While it’s mechanically true that a file derives from two separate samples, the scientific relevance of the file in these examples is in what it says about the case. The mechanistic part is certainly relevant when we want to think about reproducibility, but at a clinical, or other level where we want to make biological inferences, the focus is on seeing the forest rather than the trees. CDA was set up more to address the latter focus. That has been a driver for the model. The examples here may help move things in the right direction.

How you set your plexes up determines the ‘meaning’. And meaning is semantics. Those semantics are created by the study investigators. The designers of the CPTAC studies knew these designs/models from the get go. We are uncovering them retrospectively.
 
The potential value of capturing study specific models/designs that were created by the investigators has been highlighted before. There should indeed be a common model, but it should be a model that allows capture and communication of the study specific models. These proteomics studies and their availability in CDA allow us to explore this with real data. 

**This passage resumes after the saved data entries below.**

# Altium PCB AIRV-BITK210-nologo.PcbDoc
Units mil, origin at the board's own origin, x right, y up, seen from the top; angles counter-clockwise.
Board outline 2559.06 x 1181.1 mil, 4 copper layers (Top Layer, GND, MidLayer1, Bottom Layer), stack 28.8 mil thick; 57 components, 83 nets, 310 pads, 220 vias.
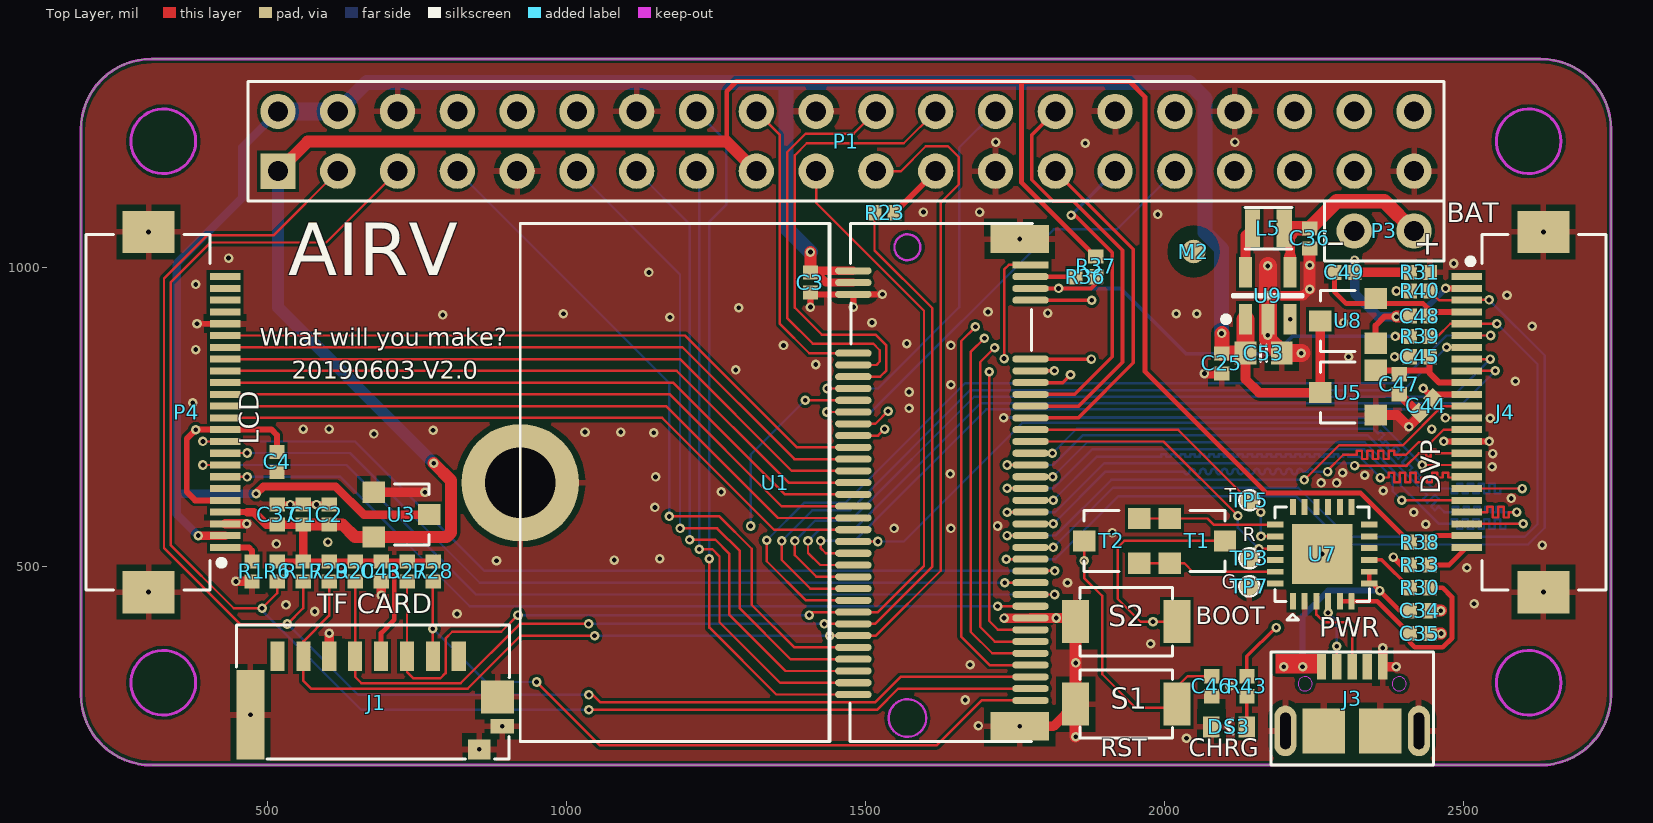
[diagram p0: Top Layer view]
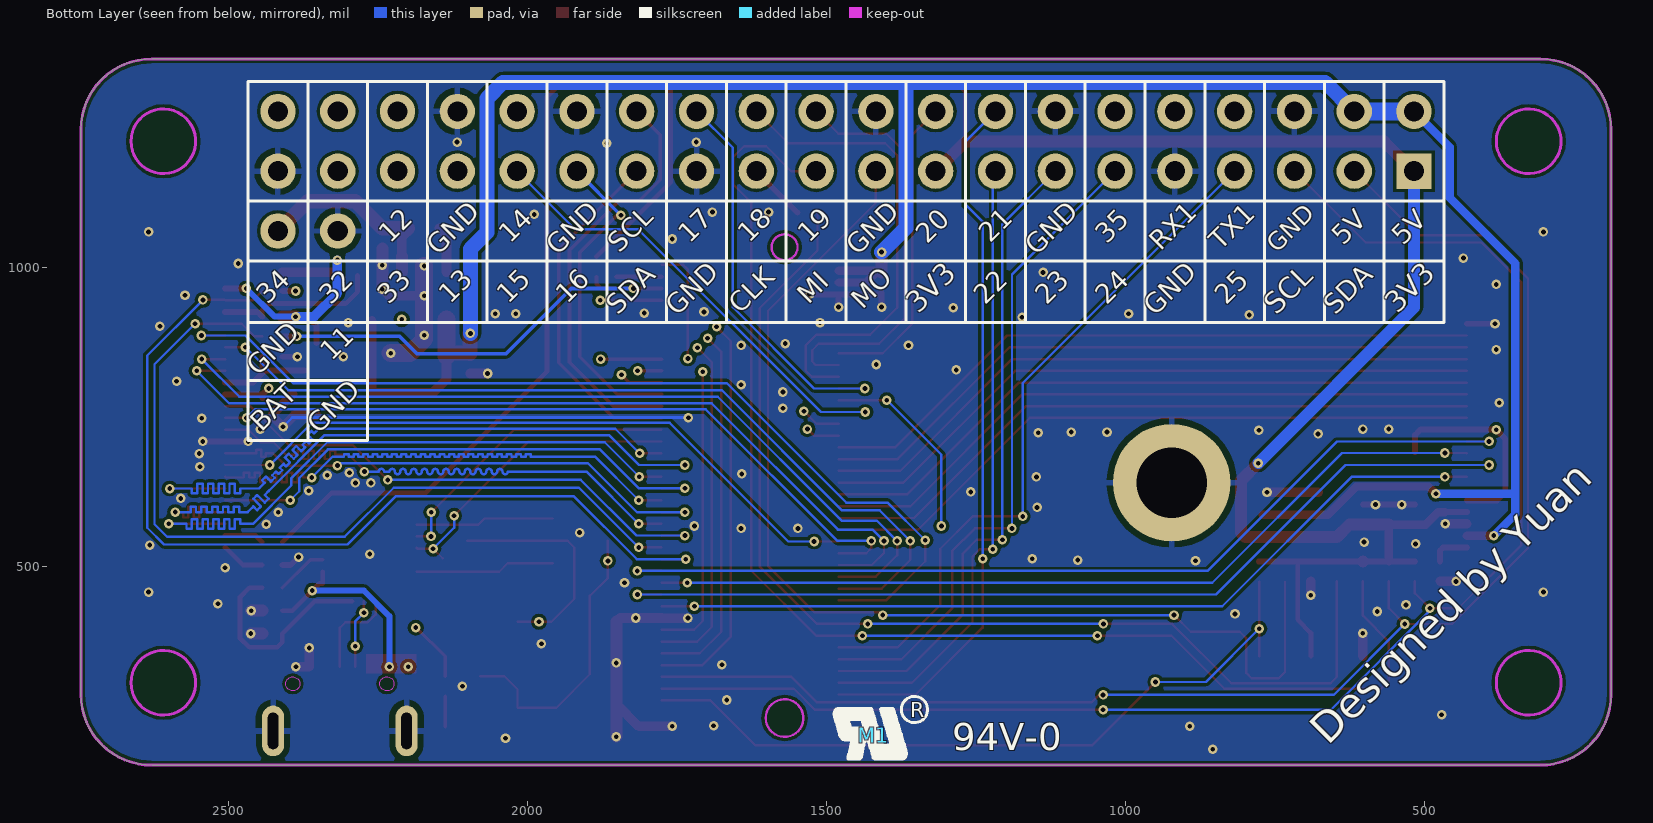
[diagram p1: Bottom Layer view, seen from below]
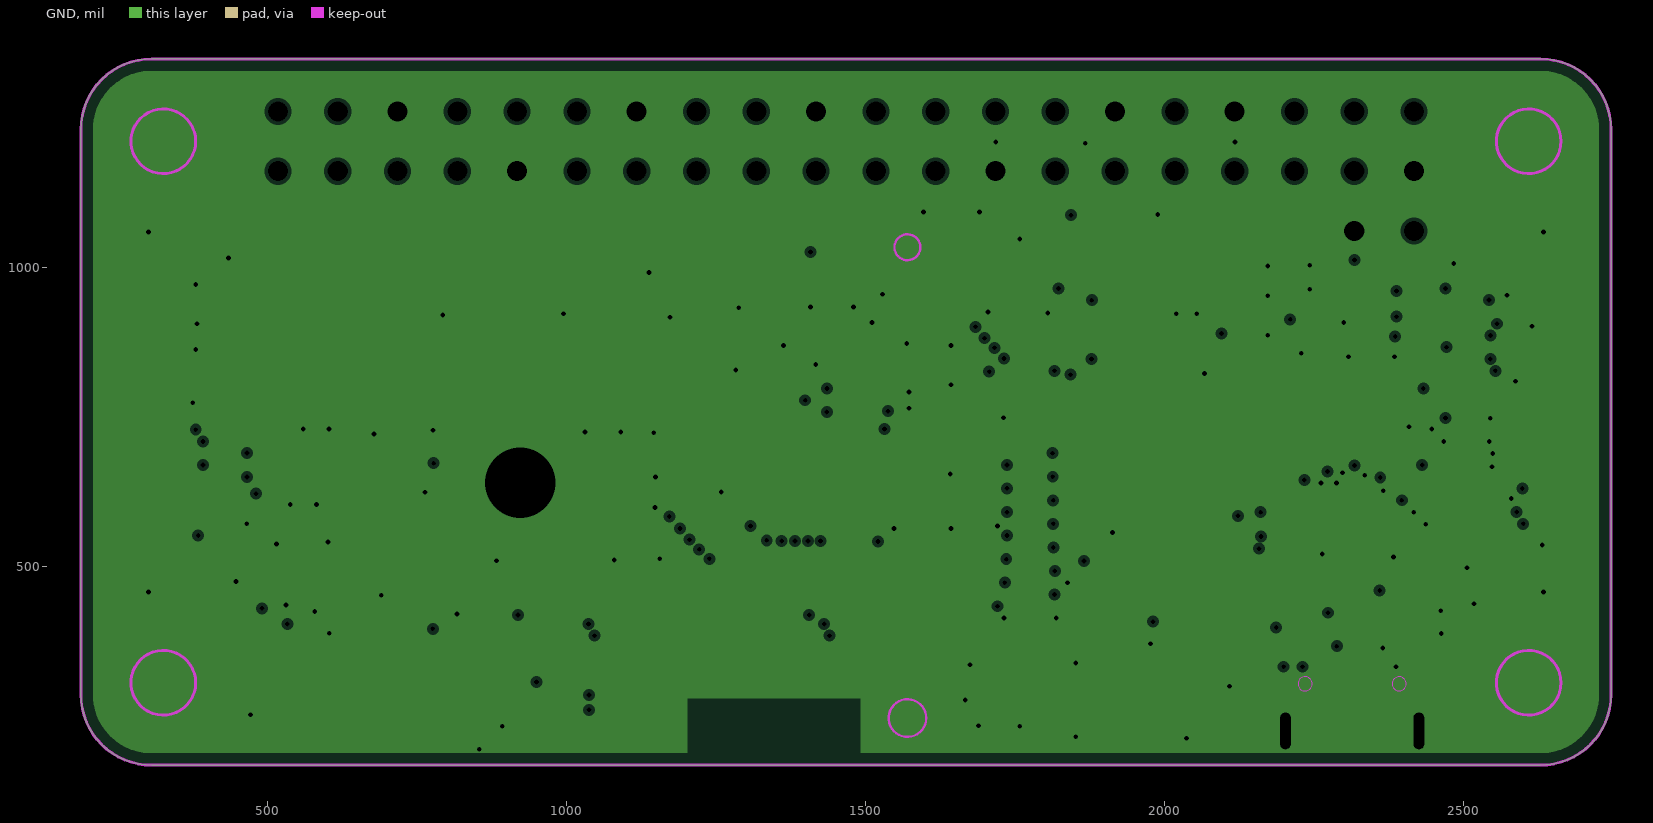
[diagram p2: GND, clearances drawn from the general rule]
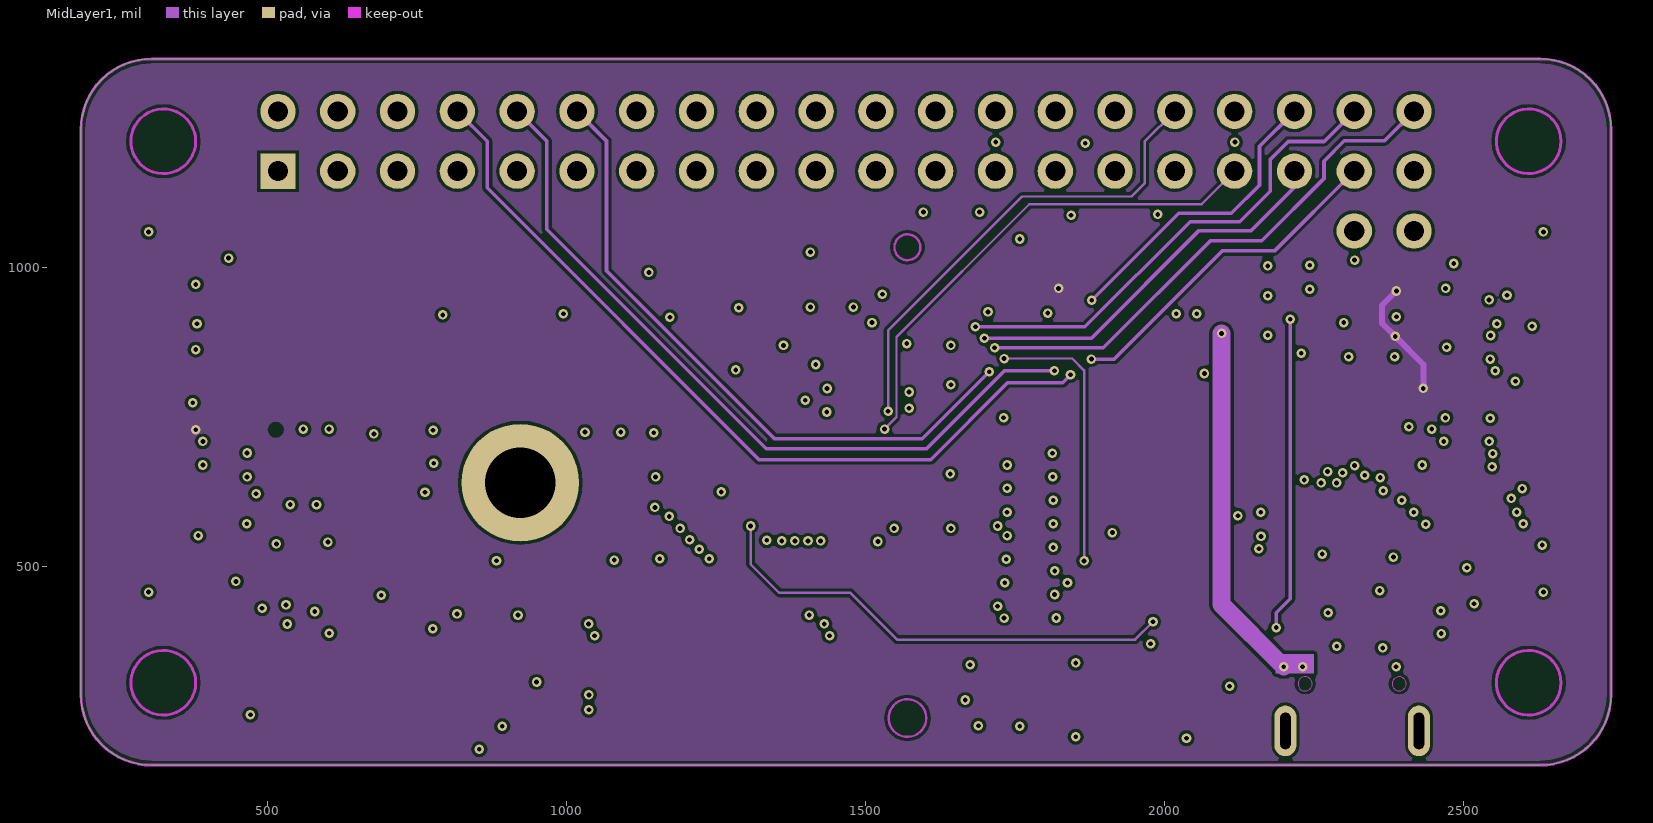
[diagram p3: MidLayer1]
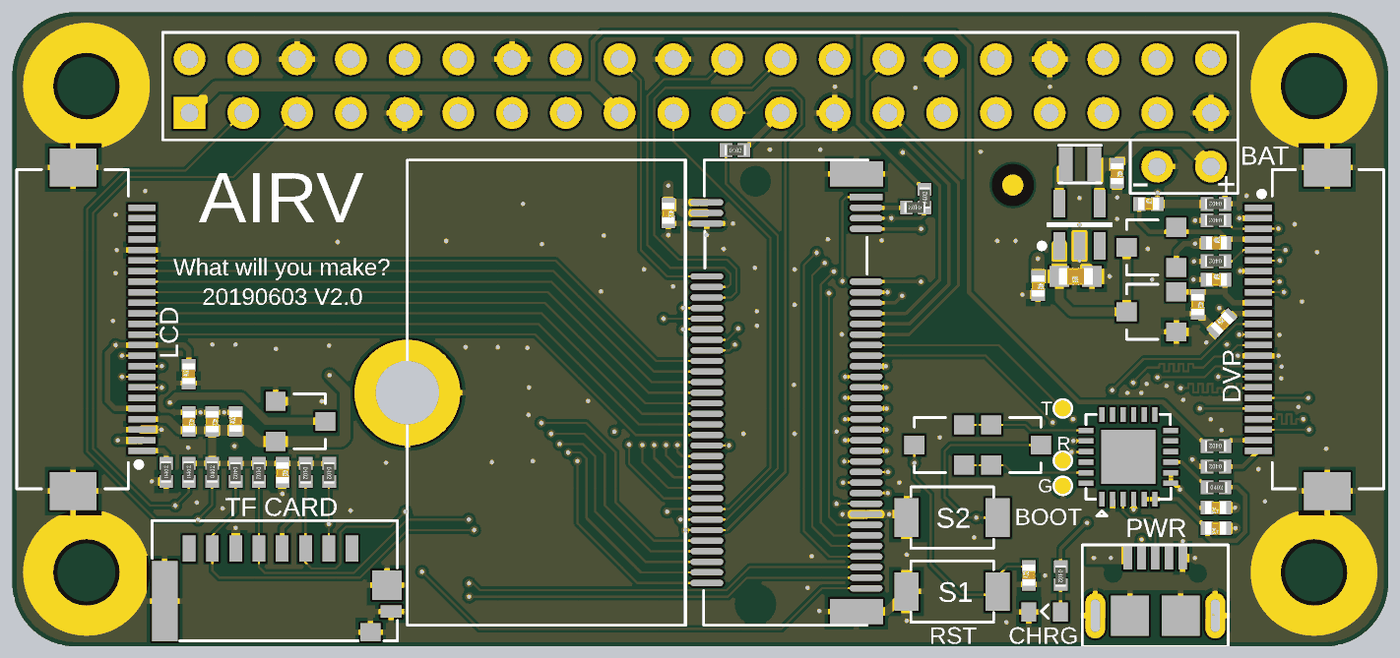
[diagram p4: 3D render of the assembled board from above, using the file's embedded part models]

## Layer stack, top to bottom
Top Solder: solder mask 0.4, Solder Resist, Dk 3.5
Top Layer: signal copper 1.4
Dielectric1: core 7.6, FR-4, Dk 4.8
GND: plane copper 1.4, net GND
Dielectric3: prepreg 8, FR-4, Dk 4.8
MidLayer1: signal copper 1.4
Dielectric2: core 7.6, FR-4, Dk 4.8
Bottom Layer: signal copper 1.4
Bottom Solder: solder mask 0.4, Solder Resist, Dk 3.5

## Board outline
188,285.11 ccw(c306.11,285.11) 306.11,167 2628.94,167 ccw(c2628.94,285.11) 2747.06,285.11 2747.06,1229.99 ccw(c2628.94,1229.99) 2628.94,1348.1 306.11,1348.1 ccw(c306.11,1229.99) 188,1229.99

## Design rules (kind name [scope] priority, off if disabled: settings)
AssemblyTestPointUsage [All] p1 off:
AssemblyTestpoint [All] p1 off: testpointundercomponent=TRUE minsize=40 maxsize=100 preferedsize=60 minholesize=0 maxholesize=40 preferedholesize=32 testpointgrid=1 usegrid=TRUE gridtolerance=0.01 allowsidetop=TRUE allowsidebottom=TRUE
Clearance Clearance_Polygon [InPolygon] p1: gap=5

#### A retrospective observation:
Wiht the benefit of hindsight we can see that a clue to the file being composed of a specific number of samples was hiding in plain sight. The experiment type attribute of the file had this coded in.
Experiment type TMT11 has 11 aliquots, iTRAQ8 has 8, iTRAQ4 has 4 and TMT10 has 10.